The fire detection system combining the image processing technology and the infrared sensor accurately identifies the surface temperature of the target area through the laser ranging sensor and the infrared sensor, meanwhile, the image data of the target area is acquired by visual identification of the image acquisition equipment, the surface temperature and the image data are input into a BP neural network model through a digital signal processing unit, and whether the target area has a fire or not is correctly identified and judged by using the BP neural network, so that the accuracy and the stability of identifying the fire source of the target area can be greatly improved, the system can fuse the obtained data by utilizing the BP neural network model, thereby improving the stability and the accuracy of the whole system, being suitable for detecting fires in different places, and solving the technical problems that the existing fire detection system or method has all limitations on the use field and the detection process is easy to be interfered.
FIG. 5 is a block diagram of a fire detection system incorporating image processing techniques and an infrared sensor in accordance with an embodiment of the present invention.
As shown in fig. 5, in an embodiment of the present invention, the fire detection system combining the image processing technology and the infrared sensor further includes a display unit 50 connected to the digital signal processing unit 10, wherein the display unit 50 is used for displaying the judgment result of the digital signal processing unit 10.
The display unit 50 may be a display screen, a display, or the like.
FIG. 6 is a block diagram of another embodiment of a fire detection system incorporating image processing techniques and infrared sensors.

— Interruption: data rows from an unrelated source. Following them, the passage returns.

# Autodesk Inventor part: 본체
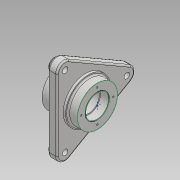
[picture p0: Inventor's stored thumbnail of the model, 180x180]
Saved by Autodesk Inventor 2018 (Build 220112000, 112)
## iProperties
Created: 2023-04
Part Number: 본체
Material: 일반
Document SubType Name: Modeling
Designer: home
Density: 1 g/cm^3
Appearance: 기본값
Author: home
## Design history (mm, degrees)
sketch "스케치1" dims "d0" = 57
  geometry: L1 (-33, 84.87)-(90, 13.856); L2 (90, -13.856)-(-33, -84.87); L3 (-57, -71.014)-(-57, 71.014); A1 r 16 centre (82, 0) between (90, -13.856) and (90, 13.856); A2 r 16 centre (-41, 71.014) between (-33, 84.87) and (-57, 71.014); A3 r 16 centre (-41, -71.014) between (-57, -71.014) and (-33, -84.87); 7 further points
  constraints: 6 end point, 6 point on circle, 6 point on line, 6 tangent, 3 centre point, 2 coincident, 2 equal radius, 1 horizontal alignment, 1 midpoint, 9 other
  dimensions: "d1" = 16 radius of A1 (derived)
extrude "돌출1" new body sketch "스케치1" distance "d2" = 18; taper "d3" = 0 deg
sketch "스케치2"
  geometry: C1 r 45 at (0, 0); 1 further point
  constraints: 1 centre point, 1 coincident
  dimensions: "d4" = 90 diameter of C1
extrude "돌출2" join sketch "스케치2" distance "d5" = 5; taper "d6" = 0 deg
sketch "스케치3"
  geometry: C1 r 45 at (0, 0) reference; C2 r 40 at (0, 0)
  constraints: 1 centre point, 1 coincident
  dimensions: "d7" = 80 diameter of C2
extrude "돌출3" join sketch "스케치3" distance "d8" = 18; taper "d9" = 0 deg
sketch "스케치4"
  geometry: C1 r 40 at (0, 0); 1 further point
  constraints: 1 centre point, 1 coincident
  dimensions: "d10" = 80 diameter of C1
extrude "돌출4" join sketch "스케치4" distance "d11" = 29; taper "d12" = 0 deg
sketch "스케치5"
  geometry: C1 r 40 at (0, 0) reference; 1 further point
  constraints: 1 coincident
hole "구멍1" sketch "스케치5" at (0, 0) diameter "d13" = 42; stored, may be unused: countersink angle "d17" = 90 deg, drill point angle "d19" = 0 deg; dims "d14" = 6, "d15" = 47, "d16" = 17, "d18" = 18
sketch "스케치6"
  geometry: C1 r 40 at (0, 0) reference
hole "구멍2" sketch "스케치6" at (0, 0) diameter "d20" = 42; stored, may be unused: countersink angle "d24" = 90 deg, drill point angle "d26" = 0 deg; dims "d21" = 6, "d22" = 47, "d23" = 17, "d25" = 18
sketch "스케치7"
  geometry: C1 r 23.5 at (0, 0) reference; C2 r 40 at (0, 0) reference; 1 further point
  constraints: 1 coincident
sketch "스케치8"
  geometry: C1 r 40 at (0, 0) reference; C2 r 82 at (0, 0); C3 r 11 at (0, 82); A1 r 16 centre (0, 82) between (13.856, 90) and (-13.856, 90) reference
  constraints: 2 centre point, 2 coincident
  dimensions: "d27" = 164 diameter of C2; "d28" = 22 diameter of C3
extrude "돌출5" join sketch "스케치8" distance "d29" = 4; taper "d30" = 0 deg
sketch "스케치9"
  geometry: C1 r 11 at (0, 0) reference; C2 r 5.5 at (0, 0); 1 further point
  constraints: 1 centre point, 1 coincident
  dimensions: "d31" = 11 diameter of C2
extrude "돌출6" cut sketch "스케치9" extent not by distance; stored distance "d32" = 4; taper "d33" = 0 deg
sketch "스케치10"
  geometry: C1 r 23.5 at (0, 0) reference; 1 further point
  dimensions: "d37" = 32 distance of C1.centre point (0, 32)
hole "구멍3" sketch "스케치10" at (0, 32) diameter "d38" = 3.242; stored, may be unused: countersink angle "d42" = 90 deg, drill point angle "d44" = 118 deg; dims "d39" = 8, "d40" = 4, "d41" = 2, "d43" = 10
sketch "스케치11"
  geometry: C1 r 1.621 at (0, 32) reference; 1 further point
  constraints: 1 coincident
hole "구멍4" sketch "스케치11" at (0, 32) diameter "d48" = 3.242; stored, may be unused: countersink angle "d52" = 90 deg, drill point angle "d54" = 118 deg; dims "d49" = 8, "d50" = 4, "d51" = 2, "d53" = 10
fillet "모깎기1" dims "d58" = 3
fillet "모깎기2" dims "d59" = 3
fillet "모깎기3" dims "d60" = 3
fillet "모깎기4" dims "d61" = 3
chamfer "모따기1" distance "d62" = 1; stored, may be unused: second distance "d63" = 2, angle "d64" = 45 deg
sketch "스케치12"
  geometry: 3 further points
  constraints: 1 horizontal alignment, 2 other
  dimensions: "d65" = 60 vertical distance of point (0, 0) point (0.255, 60)
feature "엠보싱1" sketch "스케치12" dims "d0" = 57, "d1" = 16 (derived), "d7" = 80, "d66" = 0.5, "d67" = 0
node "솔리드1"
pattern_circular "원형 패턴1" dims angle "d35" = 360 deg
pattern_circular "원형 패턴2" dims angle "d46" = 360 deg
pattern_circular "원형 패턴3" dims angle "d56" = 360 deg

As shown in fig. 6, in an embodiment of the present invention, the fire detection system combining the image processing technology and the infrared sensor further includes a communication unit 60 connected to the digital signal processing unit 10, the communication unit 60 being configured to transmit the result of the processing and determination by the digital signal processing unit 10 to a back-end service counter, and an alarm unit 70 being configured to alarm when a fire occurs in the target area according to the determination by the digital signal processing unit 10.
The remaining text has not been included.